---- SUPPLIED ENTRIES
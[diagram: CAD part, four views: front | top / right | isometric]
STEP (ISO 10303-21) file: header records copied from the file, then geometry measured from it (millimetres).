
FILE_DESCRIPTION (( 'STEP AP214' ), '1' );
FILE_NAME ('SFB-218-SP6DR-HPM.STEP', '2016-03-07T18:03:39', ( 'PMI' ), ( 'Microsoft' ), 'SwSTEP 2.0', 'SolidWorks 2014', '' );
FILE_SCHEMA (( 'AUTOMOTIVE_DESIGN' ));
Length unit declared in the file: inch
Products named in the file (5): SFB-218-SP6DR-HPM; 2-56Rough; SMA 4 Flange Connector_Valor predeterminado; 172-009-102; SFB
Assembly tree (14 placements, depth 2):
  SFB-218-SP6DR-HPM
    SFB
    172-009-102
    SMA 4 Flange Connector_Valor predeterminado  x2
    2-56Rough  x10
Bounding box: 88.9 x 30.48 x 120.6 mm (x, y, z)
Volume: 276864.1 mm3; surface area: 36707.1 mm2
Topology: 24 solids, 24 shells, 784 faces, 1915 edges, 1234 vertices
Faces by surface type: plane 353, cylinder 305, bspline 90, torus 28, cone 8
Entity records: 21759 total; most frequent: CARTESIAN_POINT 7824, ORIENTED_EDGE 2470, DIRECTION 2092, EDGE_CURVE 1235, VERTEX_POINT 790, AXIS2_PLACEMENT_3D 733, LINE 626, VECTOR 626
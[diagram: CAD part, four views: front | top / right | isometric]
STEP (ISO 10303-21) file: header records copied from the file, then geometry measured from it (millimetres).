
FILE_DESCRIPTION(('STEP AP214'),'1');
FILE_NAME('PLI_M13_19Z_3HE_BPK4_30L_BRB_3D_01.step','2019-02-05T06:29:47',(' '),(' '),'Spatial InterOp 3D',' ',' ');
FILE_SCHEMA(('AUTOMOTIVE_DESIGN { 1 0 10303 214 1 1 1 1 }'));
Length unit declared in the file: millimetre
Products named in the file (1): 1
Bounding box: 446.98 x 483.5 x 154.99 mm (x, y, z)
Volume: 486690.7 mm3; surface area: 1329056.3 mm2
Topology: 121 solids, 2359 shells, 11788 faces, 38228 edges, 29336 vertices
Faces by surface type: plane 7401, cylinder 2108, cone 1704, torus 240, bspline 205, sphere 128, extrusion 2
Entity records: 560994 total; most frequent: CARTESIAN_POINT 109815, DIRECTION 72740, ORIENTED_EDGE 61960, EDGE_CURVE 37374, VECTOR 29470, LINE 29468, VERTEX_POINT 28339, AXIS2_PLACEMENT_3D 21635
--------
:: REQUIRED ACTION ::
Each record must be reproduced exactly. Keep every one.

:: EXERCISE SOLUTION ::
[diagram: CAD part, four views: front | top / right | isometric]
STEP (ISO 10303-21) file: header records copied from the file, then geometry measured from it (millimetres).
FILE_DESCRIPTION (( 'STEP AP214' ), '1' );
FILE_NAME ('SFB-218-SP6DR-HPM.STEP', '2016-03-07T18:03:39', ( 'PMI' ), ( 'Microsoft' ), 'SwSTEP 2.0', 'SolidWorks 2014', '' );
FILE_SCHEMA (( 'AUTOMOTIVE_DESIGN' ));
Length unit declared in the file: inch
Products named in the file (5): SFB-218-SP6DR-HPM; 2-56Rough; SMA 4 Flange Connector_Valor predeterminado; 172-009-102; SFB
Assembly tree (14 placements, depth 2):
  SFB-218-SP6DR-HPM
    SFB
    172-009-102
    SMA 4 Flange Connector_Valor predeterminado  x2
    2-56Rough  x10
Bounding box: 88.9 x 30.48 x 120.6 mm (x, y, z)
Volume: 276864.1 mm3; surface area: 36707.1 mm2
Topology: 24 solids, 24 shells, 784 faces, 1915 edges, 1234 vertices
Faces by surface type: plane 353, cylinder 305, bspline 90, torus 28, cone 8
Entity records: 21759 total; most frequent: CARTESIAN_POINT 7824, ORIENTED_EDGE 2470, DIRECTION 2092, EDGE_CURVE 1235, VERTEX_POINT 790, AXIS2_PLACEMENT_3D 733, LINE 626, VECTOR 626
[diagram: CAD part, four views: front | top / right | isometric]
STEP (ISO 10303-21) file: header records copied from the file, then geometry measured from it (millimetres).
FILE_DESCRIPTION(('STEP AP214'),'1');
FILE_NAME('PLI_M13_19Z_3HE_BPK4_30L_BRB_3D_01.step','2019-02-05T06:29:47',(' '),(' '),'Spatial InterOp 3D',' ',' ');
FILE_SCHEMA(('AUTOMOTIVE_DESIGN { 1 0 10303 214 1 1 1 1 }'));
Length unit declared in the file: millimetre
Products named in the file (1): 1
Bounding box: 446.98 x 483.5 x 154.99 mm (x, y, z)
Volume: 486690.7 mm3; surface area: 1329056.3 mm2
Topology: 121 solids, 2359 shells, 11788 faces, 38228 edges, 29336 vertices
Faces by surface type: plane 7401, cylinder 2108, cone 1704, torus 240, bspline 205, sphere 128, extrusion 2
Entity records: 560994 total; most frequent: CARTESIAN_POINT 109815, DIRECTION 72740, ORIENTED_EDGE 61960, EDGE_CURVE 37374, VECTOR 29470, LINE 29468, VERTEX_POINT 28339, AXIS2_PLACEMENT_3D 21635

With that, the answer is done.